Editorial Commentaries

NO Break-Ins at Water Gate

Bruce C. Kone

From the University of Texas Medical School at Houston and Brown Foundation Institute of Molecular Medicine for the Prevention of Human Diseases, Houston, Tex.

Correspondence to Bruce C. Kone, MD, FACP, FCP, FAHA, FASN, FAAAS, Department of Internal Medicine, The University of Texas Medical School at Houston, 6431 Fannin, MSB 1.150, Houston, TX 77030. E-mail Bruce.C.Kone@uth.tmc.edu

An extract of the first 250 words of the full text is provided, because this article has no abstract.

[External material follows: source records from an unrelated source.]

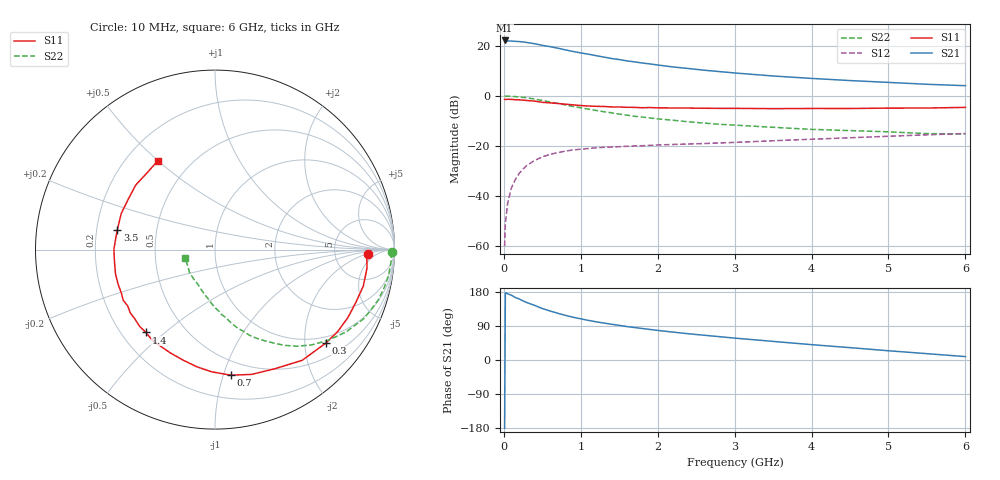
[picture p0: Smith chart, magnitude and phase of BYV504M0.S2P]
! SIEMENS Small Signal Semiconductors
! BFY420
! Si NPN RF SIEGET Grounded Emitter Transistor in MICRO-X
! VCE = 0.5 V  IC = 4 mA
! Common Emitter S-Parameters:  October  1996
# GHz  S  MA  R  50
!  f  S11  S21  S12  S22
! GHz  MAG  ANG  MAG  ANG  MAG  ANG  MAG  ANG
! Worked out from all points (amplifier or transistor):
!   36 points, 10 MHz to 6 GHz, reference 50 ohm
!   highest |S21| = 22.1 dB at 10 MHz (marker M1)
!   |S21| within 3 dB of that: start of sweep to 687.6 MHz
!   unconditionally stable (mu >= 1): 3.174 GHz to end of sweep
!   at 250 MHz: K = 0.10, MSG = 25.4 dB, |S12| = -29.2 dB
!   at 1.4 GHz: K = 0.51, MSG = 17.7 dB, |S12| = -20.4 dB
!   at 6 GHz: K = 1.21, MAG = 6.8 dB, |S12| = -15.0 dB
!   S11 on the Smith chart (normalised r, x): 10 MHz: 12, -2; 300 MHz: 0.83, -2.50; 700 MHz: 0.38, -1.06; 1.4 GHz: 0.30, -0.43; 3.5 GHz: 0.29, +0.09; 6 GHz: 0.33, +0.50
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0.01  0.8514 -1.6  12.75 -179.9  0.001 92.1  0.9857 -0.9
0.02  0.847 -2.9  12.69 177.7  0.0029 89.2  0.9834 -1.7
0.05  0.8533 -6.9  12.46 174.7  0.0073 85.7  0.9827 -4.3
0.1  0.8509 -13.8  12.42 170.7  0.0148 82.1  0.9776 -8.7
0.15  0.838 -20.6  12.23 164.9  0.0214 77.2  0.9653 -13.0
0.2  0.8317 -27.1  12.1 161.0  0.0284 75.6  0.9523 -17.0
0.25  0.8221 -33.7  11.93 155.9  0.0346 71.0  0.9319 -21.1
0.3  0.8079 -40.1  11.61 151.5  0.041 68.3  0.9132 -25.0
0.4  0.7851 -51.8  10.96 144.1  0.0513 62.0  0.8627 -32.1
0.5  0.7428 -63.4  10.19 135.8  0.0604 56.6  0.809 -38.6
0.6  0.7245 -73.7  9.599 129.4  0.068 51.3  0.7569 -44.5
0.7  0.7051 -82.9  8.949 123.4  0.0736 47.6  0.7072 -49.6
0.9  0.6605 -98.9  7.681 112.9  0.0832 40.8  0.6157 -57.8
1.1  0.627 -113.4  6.775 104.5  0.0891 36.1  0.5436 -65.1
1.4  0.6008 -129.8  5.561 94.3  0.0952 31.0  0.4593 -73.5
1.8  0.5788 -147.1  4.52 83.1  0.1012 27.0  0.377 -81.9
2.2  0.5732 -160.4  3.773 73.6  0.107 24.4  0.3259 -89.5
2.8  0.563 -176.3  3.052 61.6  0.1146 22.4  0.2704 -99.3
3.5  0.5555 168.7  2.491 49.1  0.127 20.4  0.2356 -109.1
4.5  0.5591 149.7  2.019 32.6  0.1458 16.0  0.2027 -125.3
5.5  0.5712 131.3  1.702 16.7  0.1669 10.4  0.1763 -149.8
6  0.5886 122.9  1.595 9.0  0.1771 7.2  0.174 -163.8

Nitric oxide (NO) is a gaseous free radical that functions as an endogenous mediator in diverse biological effects in numerous tissues. In the kidney and vasculature, these processes include the control of systemic and microvascular tone, the glomerular microcirculation, renal sodium excretion, and inflammatory responses in the glomerulus and tubulointerstitium, among many others.¹ NO also impacts the renin–angiotensin and eicosanoid systems, endothelin, cytokines, and other key regulators of inflammation. Because of its potent chemical reactivity, high diffusibility, and the fact that, unlike most endogenous chemical signals, it cannot be stored or secreted, NO production by NO synthases is under complex, tight control to dictate specificity of its signaling and to limit toxicity to other cellular components. These controls serve to govern the timing, magnitude, and spatial distribution of NO release, and, in turn, specify the input signals that activate NO release and the effector functions of the molecule to target specific proteins.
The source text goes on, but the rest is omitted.